TASK DIRECTIONS: Among the lines below, keep only those from the one containing "#13312 = VERTEX_POINT ( 'NONE', #24585 ) ;" through the one containing "#15692 = FACE_BOUND ( 'NONE', #24960, .T. ) ;", and reproduce them exactly.

Stored records
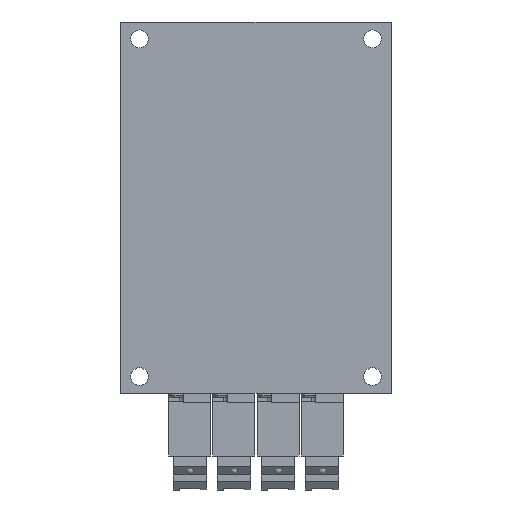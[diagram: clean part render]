
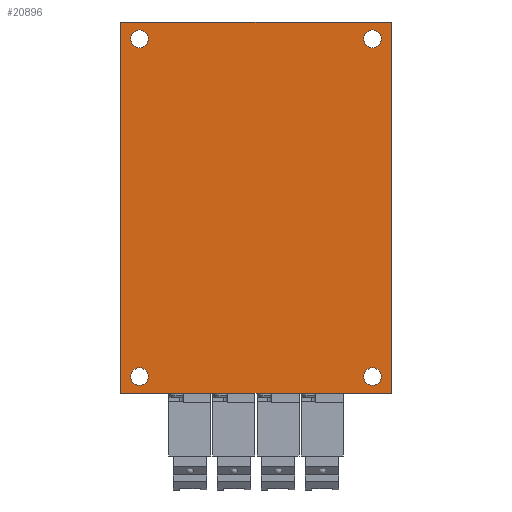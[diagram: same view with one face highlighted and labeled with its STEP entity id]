
A CAD part, front view. The second image highlights one B-rep face of the part: STEP entity #20896.
In plain terms, the highlighted planar face has unit normal (0, -1, 0).
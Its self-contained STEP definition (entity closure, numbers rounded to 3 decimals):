
#229 = DIRECTION ( 'NONE',  ( 0., 0., -1. ) ) ;
#1925 = LINE ( 'NONE', #21956, #12568 ) ;
#2523 = EDGE_CURVE ( 'NONE', #6799, #6799, #6959, .T. ) ;
#2814 = VERTEX_POINT ( 'NONE', #23988 ) ;
#3107 = CIRCLE ( 'NONE', #3927, 2.1 ) ;
#3552 = CARTESIAN_POINT ( 'NONE',  ( -32.25, 0., 44.25 ) ) ;
#3862 = EDGE_CURVE ( 'NONE', #4803, #4803, #25206, .T. ) ;
#3927 = AXIS2_PLACEMENT_3D ( 'NONE', #5730, #20592, #7880 ) ;
#4213 = VECTOR ( 'NONE', #5689, 1000. ) ;
#4259 = VERTEX_POINT ( 'NONE', #27017 ) ;
#4585 = ORIENTED_EDGE ( 'NONE', *, *, #18537, .F. ) ;
#4657 = CARTESIAN_POINT ( 'NONE',  ( 0., 0., 0. ) ) ;
#4761 = EDGE_LOOP ( 'NONE', ( #9656 ) ) ;
#4803 = VERTEX_POINT ( 'NONE', #25071 ) ;
#5066 = VECTOR ( 'NONE', #229, 1000. ) ;
#5689 = DIRECTION ( 'NONE',  ( -1., 0., 0. ) ) ;
#5730 = CARTESIAN_POINT ( 'NONE',  ( 27.75, 0., 40.25 ) ) ;
#6799 = VERTEX_POINT ( 'NONE', #22836 ) ;
#6899 = CARTESIAN_POINT ( 'NONE',  ( 27.75, 0., 42.35 ) ) ;
#6959 = CIRCLE ( 'NONE', #14338, 2.1 ) ;
#7494 = ORIENTED_EDGE ( 'NONE', *, *, #3862, .T. ) ;
#7880 = DIRECTION ( 'NONE',  ( 0., 0., 1. ) ) ;
#8095 = AXIS2_PLACEMENT_3D ( 'NONE', #23278, #10542, #25422 ) ;
#8664 = EDGE_LOOP ( 'NONE', ( #23421, #16320, #13741, #4585 ) ) ;
#8788 = CARTESIAN_POINT ( 'NONE',  ( -27.75, 0., 40.25 ) ) ;
#8941 = DIRECTION ( 'NONE',  ( 0., 0., -1. ) ) ;
#8994 = AXIS2_PLACEMENT_3D ( 'NONE', #4657, #21654, #8941 ) ;
#9656 = ORIENTED_EDGE ( 'NONE', *, *, #2523, .T. ) ;
#9879 = LINE ( 'NONE', #20554, #4213 ) ;
#9978 = DIRECTION ( 'NONE',  ( 0., 1., 0. ) ) ;
#10542 = DIRECTION ( 'NONE',  ( 0., 1., 0. ) ) ;
#10939 = DIRECTION ( 'NONE',  ( 0., 0., 1. ) ) ;
#10970 = EDGE_CURVE ( 'NONE', #15415, #15415, #3107, .T. ) ;
#12568 = VECTOR ( 'NONE', #24118, 1000. ) ;
#13312 = VERTEX_POINT ( 'NONE', #24585 ) ;
#13741 = ORIENTED_EDGE ( 'NONE', *, *, #25802, .F. ) ;
#14274 = CARTESIAN_POINT ( 'NONE',  ( 32.25, 0., -44.25 ) ) ;
#14338 = AXIS2_PLACEMENT_3D ( 'NONE', #22713, #9978, #24865 ) ;
#14345 = LINE ( 'NONE', #3552, #27016 ) ;
#14901 = AXIS2_PLACEMENT_3D ( 'NONE', #8788, #23671, #10939 ) ;
#15038 = FACE_OUTER_BOUND ( 'NONE', #8664, .T. ) ;
#15415 = VERTEX_POINT ( 'NONE', #6899 ) ;
#15449 = EDGE_LOOP ( 'NONE', ( #17582 ) ) ;
#15692 = FACE_BOUND ( 'NONE', #24960, .T. ) ;
#16043 = CIRCLE ( 'NONE', #8095, 2.1 ) ;
#16181 = CARTESIAN_POINT ( 'NONE',  ( 27.75, 0., -38.15 ) ) ;
#16320 = ORIENTED_EDGE ( 'NONE', *, *, #24099, .F. ) ;
#16373 = LINE ( 'NONE', #21466, #5066 ) ;
#16383 = EDGE_LOOP ( 'NONE', ( #16909 ) ) ;
#16909 = ORIENTED_EDGE ( 'NONE', *, *, #20725, .T. ) ;
#17045 = VERTEX_POINT ( 'NONE', #16181 ) ;
#17582 = ORIENTED_EDGE ( 'NONE', *, *, #10970, .T. ) ;
#18409 = DIRECTION ( 'NONE',  ( 1., 0., 0. ) ) ;
#18537 = EDGE_CURVE ( 'NONE', #19986, #4259, #9879, .T. ) ;
#19504 = PLANE ( 'NONE',  #8994 ) ;
#19986 = VERTEX_POINT ( 'NONE', #14274 ) ;
#20554 = CARTESIAN_POINT ( 'NONE',  ( -32.25, 0., -44.25 ) ) ;
#20592 = DIRECTION ( 'NONE',  ( 0., 1., 0. ) ) ;
#20700 = FACE_BOUND ( 'NONE', #15449, .T. ) ;
#20725 = EDGE_CURVE ( 'NONE', #17045, #17045, #16043, .T. ) ;
#20852 = EDGE_CURVE ( 'NONE', #2814, #19986, #16373, .T. ) ;
#20896 = ADVANCED_FACE ( 'NONE', ( #15692, #26381, #21348, #20700, #15038 ), #19504, .T. ) ;
#21348 = FACE_BOUND ( 'NONE', #16383, .T. ) ;
#21466 = CARTESIAN_POINT ( 'NONE',  ( 32.25, 0., 44.25 ) ) ;
#21654 = DIRECTION ( 'NONE',  ( 0., -1., 0. ) ) ;
#21956 = CARTESIAN_POINT ( 'NONE',  ( -32.25, 0., 44.25 ) ) ;
#22713 = CARTESIAN_POINT ( 'NONE',  ( -27.75, 0., -40.25 ) ) ;
#22836 = CARTESIAN_POINT ( 'NONE',  ( -27.75, 0., -38.15 ) ) ;
#23278 = CARTESIAN_POINT ( 'NONE',  ( 27.75, 0., -40.25 ) ) ;
#23421 = ORIENTED_EDGE ( 'NONE', *, *, #20852, .F. ) ;
#23671 = DIRECTION ( 'NONE',  ( 0., 1., 0. ) ) ;
#23988 = CARTESIAN_POINT ( 'NONE',  ( 32.25, 0., 44.25 ) ) ;
#24099 = EDGE_CURVE ( 'NONE', #13312, #2814, #14345, .T. ) ;
#24118 = DIRECTION ( 'NONE',  ( 0., 0., 1. ) ) ;
#24585 = CARTESIAN_POINT ( 'NONE',  ( -32.25, 0., 44.25 ) ) ;
#24865 = DIRECTION ( 'NONE',  ( 0., 0., 1. ) ) ;
#24960 = EDGE_LOOP ( 'NONE', ( #7494 ) ) ;
#25071 = CARTESIAN_POINT ( 'NONE',  ( -27.75, 0., 42.35 ) ) ;
#25206 = CIRCLE ( 'NONE', #14901, 2.1 ) ;
#25422 = DIRECTION ( 'NONE',  ( 0., 0., 1. ) ) ;
#25802 = EDGE_CURVE ( 'NONE', #4259, #13312, #1925, .T. ) ;
#26381 = FACE_BOUND ( 'NONE', #4761, .T. ) ;
#27016 = VECTOR ( 'NONE', #18409, 1000. ) ;
#27017 = CARTESIAN_POINT ( 'NONE',  ( -32.25, 0., -44.25 ) ) ;

YOUR SOLUTION:
#13312 = VERTEX_POINT ( 'NONE', #24585 ) ;
#13741 = ORIENTED_EDGE ( 'NONE', *, *, #25802, .F. ) ;
#14274 = CARTESIAN_POINT ( 'NONE',  ( 32.25, 0., -44.25 ) ) ;
#14338 = AXIS2_PLACEMENT_3D ( 'NONE', #22713, #9978, #24865 ) ;
#14345 = LINE ( 'NONE', #3552, #27016 ) ;
#14901 = AXIS2_PLACEMENT_3D ( 'NONE', #8788, #23671, #10939 ) ;
#15038 = FACE_OUTER_BOUND ( 'NONE', #8664, .T. ) ;
#15415 = VERTEX_POINT ( 'NONE', #6899 ) ;
#15449 = EDGE_LOOP ( 'NONE', ( #17582 ) ) ;
#15692 = FACE_BOUND ( 'NONE', #24960, .T. ) ;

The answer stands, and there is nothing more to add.